Before copying, set the images aside; then transcribe every entry below exactly.

===== Task material =====

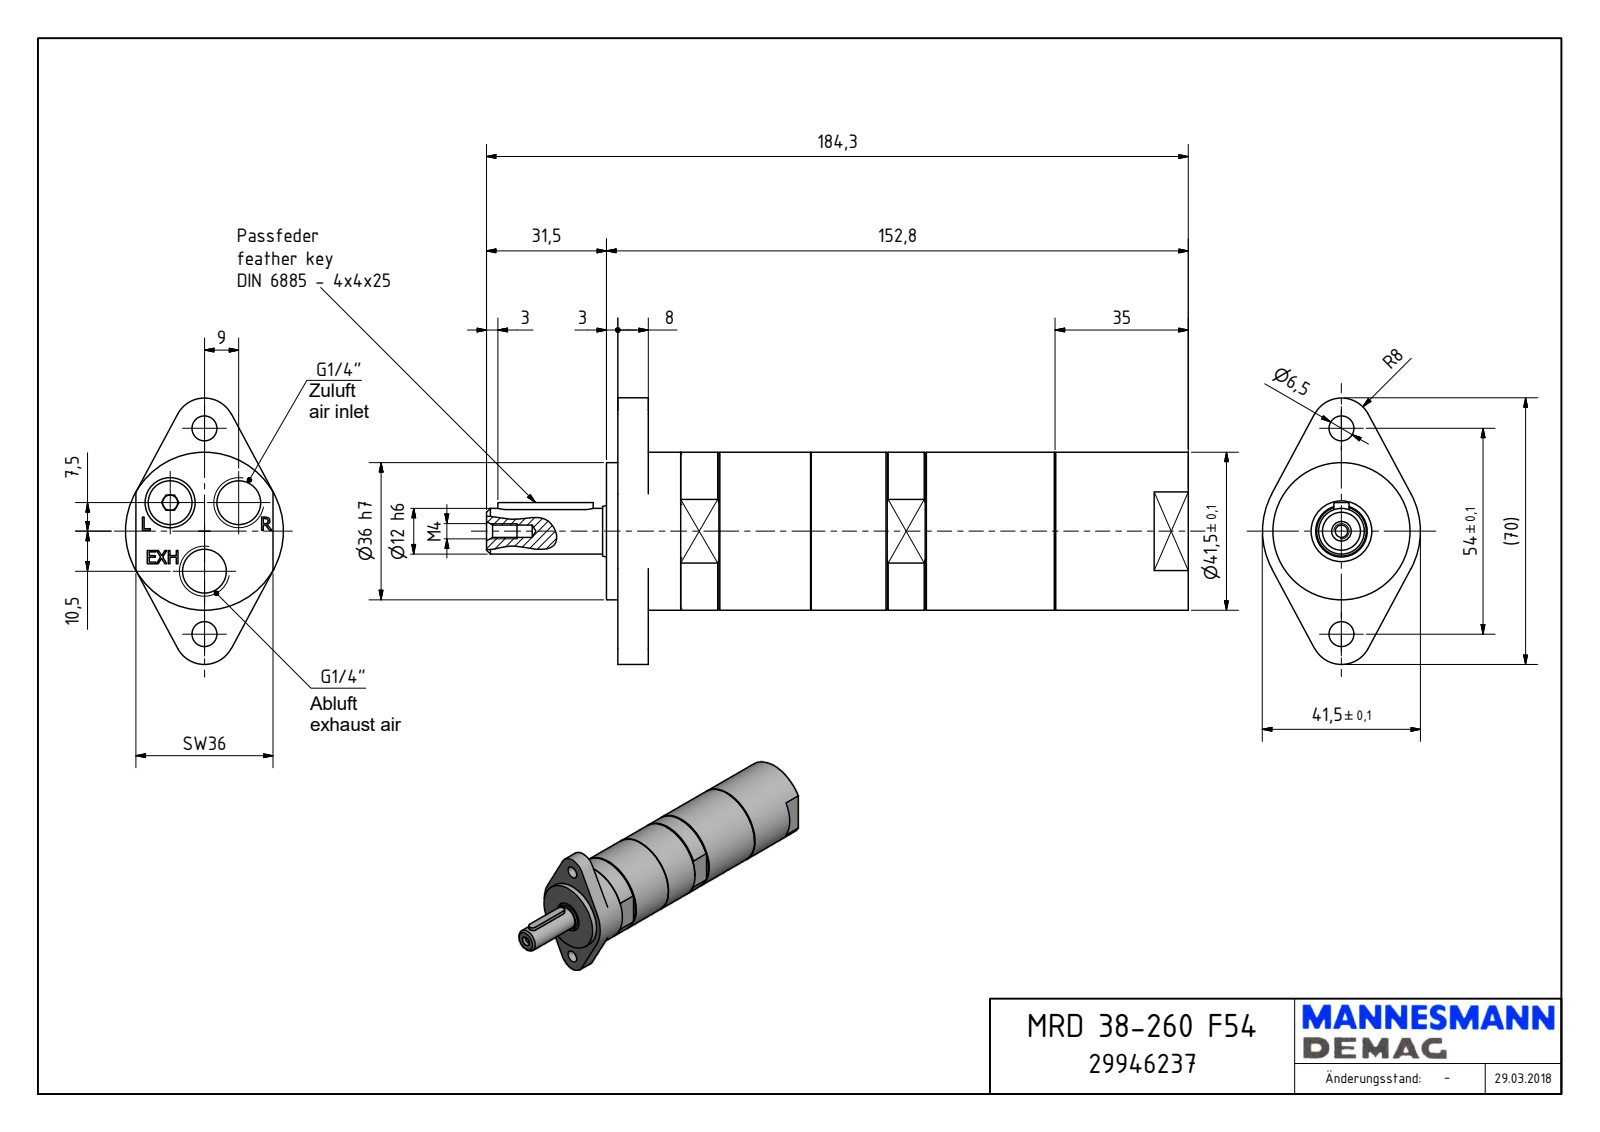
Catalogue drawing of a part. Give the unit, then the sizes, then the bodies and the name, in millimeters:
Units: millimetres
Overall size (bounding box): 184.2 × 70 × 41.5
Round holes (diameter × count): ⌀11.45 ×3, ⌀6.5 ×2, ⌀3.24 ×1, ⌀4 ×1, ⌀16 ×1, ⌀37.5 ×1, ⌀37.99 ×1
Round bosses / shafts (diameter × count): ⌀41.5 ×1, ⌀37.45 ×1, ⌀36 ×1, ⌀14.95 ×1, ⌀12 ×1
Partial cylindrical surfaces — rounded edges, fillets, slot ends (radius × count): R5.71 ×78, R2 ×2, R8 ×2, R16.39 ×1, R16.6 ×1
Main face-to-face distances: 149.7, 3, 152.7, 11, 8, 141.7, 1, 42.5, 41.48, 37
Hole centre spacings: 11.72, 20.12, 21.48, 27, 35.65, 10.5, 16.5, 18
Volume: 209 215 mm³ · Surface area: 34 034 mm²
Bodies: 1 solid, 411 faces (190 planar, 188 cylindrical, 33 other)
Part name (STEP PRODUCT): MRD 38-260 F70_29946237
STEP written by: Autodesk Inventor 2018 (AUTOMOTIVE_DESIGN)

=====

**Response to the task:**
Catalogue drawing of a part. Give the unit, then the sizes, then the bodies and the name, in millimeters:
Units: millimetres
Overall size (bounding box): 184.2 × 70 × 41.5
Round holes (diameter × count): ⌀11.45 ×3, ⌀6.5 ×2, ⌀3.24 ×1, ⌀4 ×1, ⌀16 ×1, ⌀37.5 ×1, ⌀37.99 ×1
Round bosses / shafts (diameter × count): ⌀41.5 ×1, ⌀37.45 ×1, ⌀36 ×1, ⌀14.95 ×1, ⌀12 ×1
Partial cylindrical surfaces — rounded edges, fillets, slot ends (radius × count): R5.71 ×78, R2 ×2, R8 ×2, R16.39 ×1, R16.6 ×1
Main face-to-face distances: 149.7, 3, 152.7, 11, 8, 141.7, 1, 42.5, 41.48, 37
Hole centre spacings: 11.72, 20.12, 21.48, 27, 35.65, 10.5, 16.5, 18
Volume: 209 215 mm³ · Surface area: 34 034 mm²
Bodies: 1 solid, 411 faces (190 planar, 188 cylindrical, 33 other)
Part name (STEP PRODUCT): MRD 38-260 F70_29946237
STEP written by: Autodesk Inventor 2018 (AUTOMOTIVE_DESIGN)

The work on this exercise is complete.